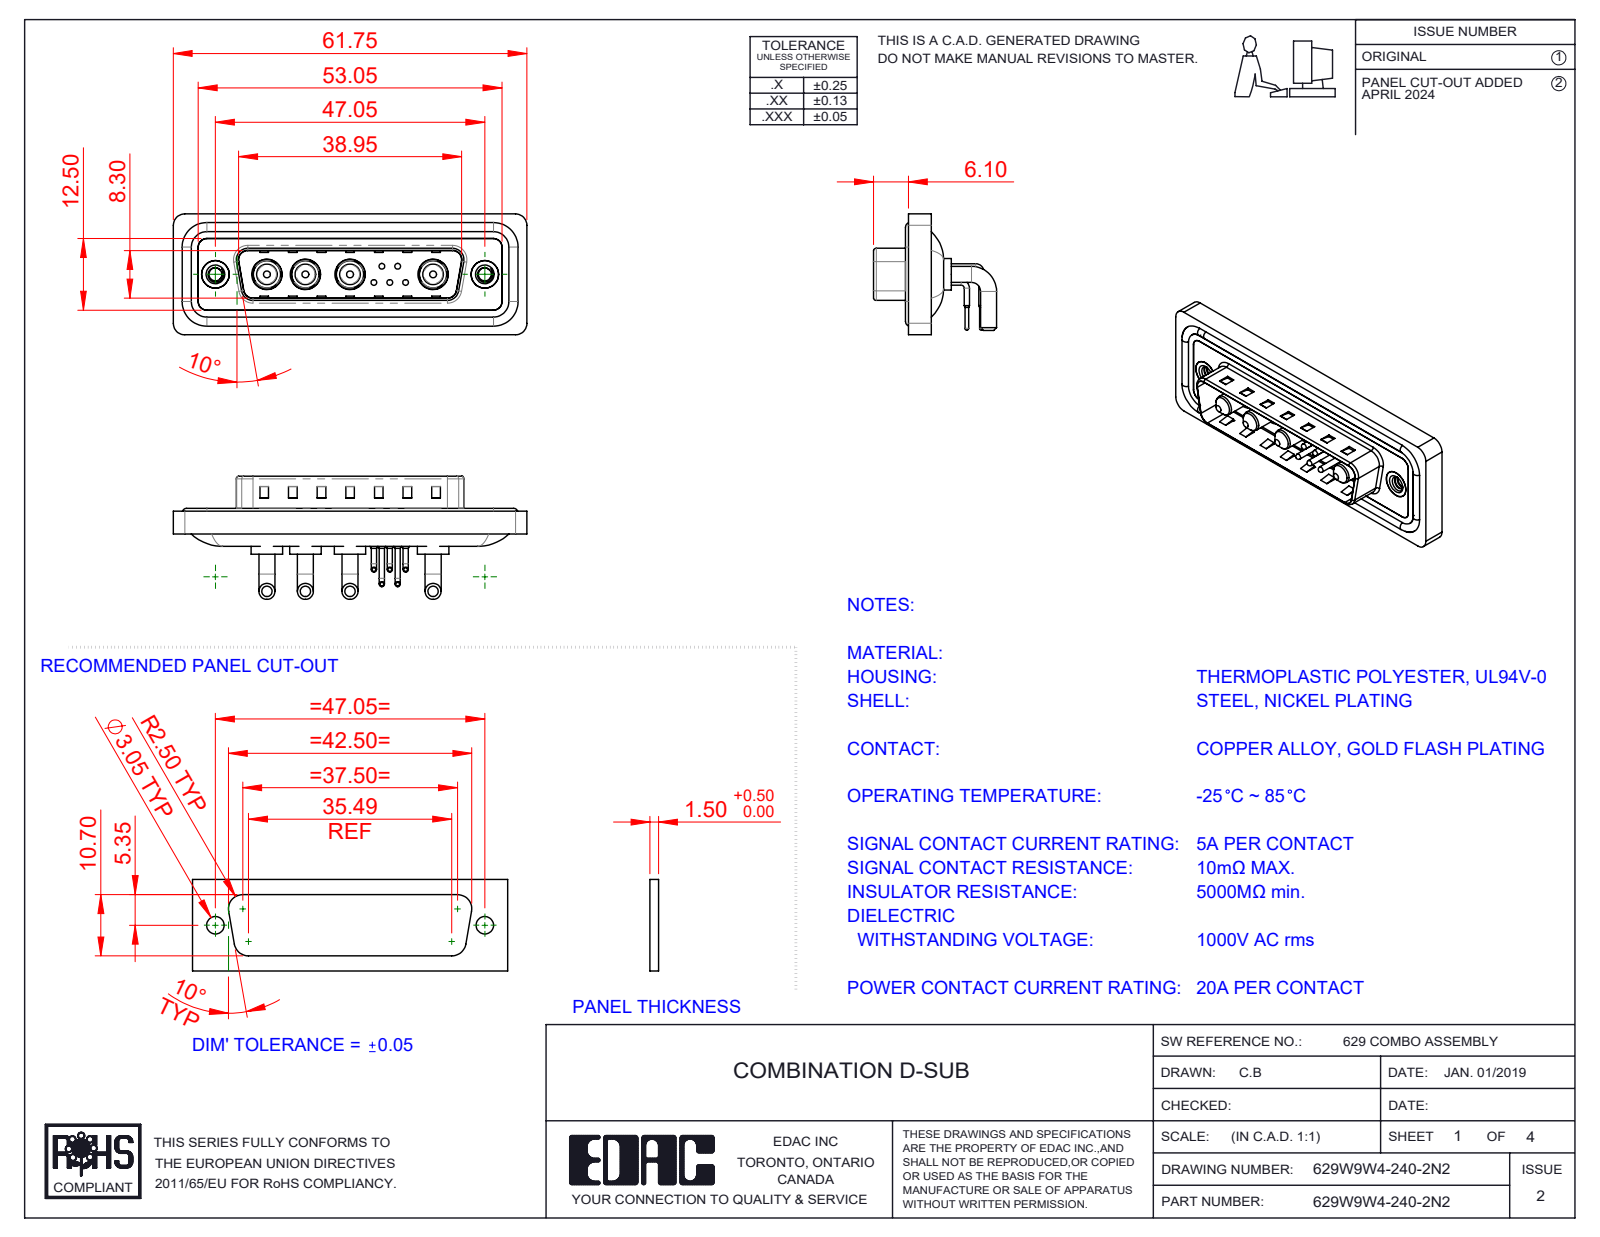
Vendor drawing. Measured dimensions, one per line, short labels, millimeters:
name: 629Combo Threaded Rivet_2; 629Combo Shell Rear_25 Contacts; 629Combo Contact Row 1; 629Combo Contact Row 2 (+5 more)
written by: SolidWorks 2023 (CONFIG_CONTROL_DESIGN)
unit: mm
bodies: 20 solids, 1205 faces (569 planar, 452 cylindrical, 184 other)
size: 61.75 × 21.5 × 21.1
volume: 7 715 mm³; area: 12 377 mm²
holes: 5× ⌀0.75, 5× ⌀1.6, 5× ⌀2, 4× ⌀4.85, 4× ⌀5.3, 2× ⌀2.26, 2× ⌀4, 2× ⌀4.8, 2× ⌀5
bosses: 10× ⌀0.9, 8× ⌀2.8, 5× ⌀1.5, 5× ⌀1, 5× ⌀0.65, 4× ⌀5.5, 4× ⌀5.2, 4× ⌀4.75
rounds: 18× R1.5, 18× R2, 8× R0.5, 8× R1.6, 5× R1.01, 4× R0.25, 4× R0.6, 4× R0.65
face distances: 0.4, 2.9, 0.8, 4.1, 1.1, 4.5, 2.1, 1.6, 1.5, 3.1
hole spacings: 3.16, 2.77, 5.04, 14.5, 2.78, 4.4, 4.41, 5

--

◆ **Task prompt**
Please repeat the data above exactly as it appears, pictures excluded.

◆ **Task solution**
Vendor drawing. Measured dimensions, one per line, short labels, millimeters:
name: 629Combo Threaded Rivet_2; 629Combo Shell Rear_25 Contacts; 629Combo Contact Row 1; 629Combo Contact Row 2 (+5 more)
written by: SolidWorks 2023 (CONFIG_CONTROL_DESIGN)
unit: mm
bodies: 20 solids, 1205 faces (569 planar, 452 cylindrical, 184 other)
size: 61.75 × 21.5 × 21.1
volume: 7 715 mm³; area: 12 377 mm²
holes: 5× ⌀0.75, 5× ⌀1.6, 5× ⌀2, 4× ⌀4.85, 4× ⌀5.3, 2× ⌀2.26, 2× ⌀4, 2× ⌀4.8, 2× ⌀5
bosses: 10× ⌀0.9, 8× ⌀2.8, 5× ⌀1.5, 5× ⌀1, 5× ⌀0.65, 4× ⌀5.5, 4× ⌀5.2, 4× ⌀4.75
rounds: 18× R1.5, 18× R2, 8× R0.5, 8× R1.6, 5× R1.01, 4× R0.25, 4× R0.6, 4× R0.65
face distances: 0.4, 2.9, 0.8, 4.1, 1.1, 4.5, 2.1, 1.6, 1.5, 3.1
hole spacings: 3.16, 2.77, 5.04, 14.5, 2.78, 4.4, 4.41, 5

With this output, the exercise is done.